START EXCERPTED DATA
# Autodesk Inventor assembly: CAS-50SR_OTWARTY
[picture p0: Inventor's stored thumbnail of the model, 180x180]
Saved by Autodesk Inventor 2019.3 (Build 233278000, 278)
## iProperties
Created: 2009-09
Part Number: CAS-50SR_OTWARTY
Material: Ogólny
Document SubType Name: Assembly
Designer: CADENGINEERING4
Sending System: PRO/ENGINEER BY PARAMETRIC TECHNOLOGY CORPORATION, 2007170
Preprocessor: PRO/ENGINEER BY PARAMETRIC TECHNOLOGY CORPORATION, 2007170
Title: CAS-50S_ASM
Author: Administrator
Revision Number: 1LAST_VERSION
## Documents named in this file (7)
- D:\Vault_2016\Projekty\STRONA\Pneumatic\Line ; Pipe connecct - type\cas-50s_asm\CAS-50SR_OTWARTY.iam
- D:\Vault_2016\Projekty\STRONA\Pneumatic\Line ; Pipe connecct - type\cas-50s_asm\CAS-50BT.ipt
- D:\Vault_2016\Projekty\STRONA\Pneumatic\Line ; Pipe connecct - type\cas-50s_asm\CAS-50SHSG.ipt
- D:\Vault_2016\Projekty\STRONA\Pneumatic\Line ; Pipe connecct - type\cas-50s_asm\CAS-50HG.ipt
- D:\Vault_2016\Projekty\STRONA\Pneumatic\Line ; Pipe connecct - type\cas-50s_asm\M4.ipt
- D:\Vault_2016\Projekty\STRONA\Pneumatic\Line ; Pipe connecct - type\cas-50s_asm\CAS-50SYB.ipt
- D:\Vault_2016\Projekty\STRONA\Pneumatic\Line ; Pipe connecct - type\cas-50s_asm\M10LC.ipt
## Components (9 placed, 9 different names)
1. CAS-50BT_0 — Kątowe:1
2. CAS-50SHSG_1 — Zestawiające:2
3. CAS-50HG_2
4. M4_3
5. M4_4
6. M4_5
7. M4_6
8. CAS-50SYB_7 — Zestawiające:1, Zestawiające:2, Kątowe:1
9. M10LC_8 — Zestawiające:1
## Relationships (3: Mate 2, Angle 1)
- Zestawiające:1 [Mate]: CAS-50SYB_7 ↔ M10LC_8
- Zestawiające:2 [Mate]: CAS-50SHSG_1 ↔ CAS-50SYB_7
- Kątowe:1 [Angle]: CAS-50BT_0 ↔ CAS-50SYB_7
END EXCERPTED DATA
Match on "Autodesk" and report each line of the data above that has it.

# Autodesk Inventor assembly: CAS-50SR_OTWARTY
Saved by Autodesk Inventor 2019.3 (Build 233278000, 278)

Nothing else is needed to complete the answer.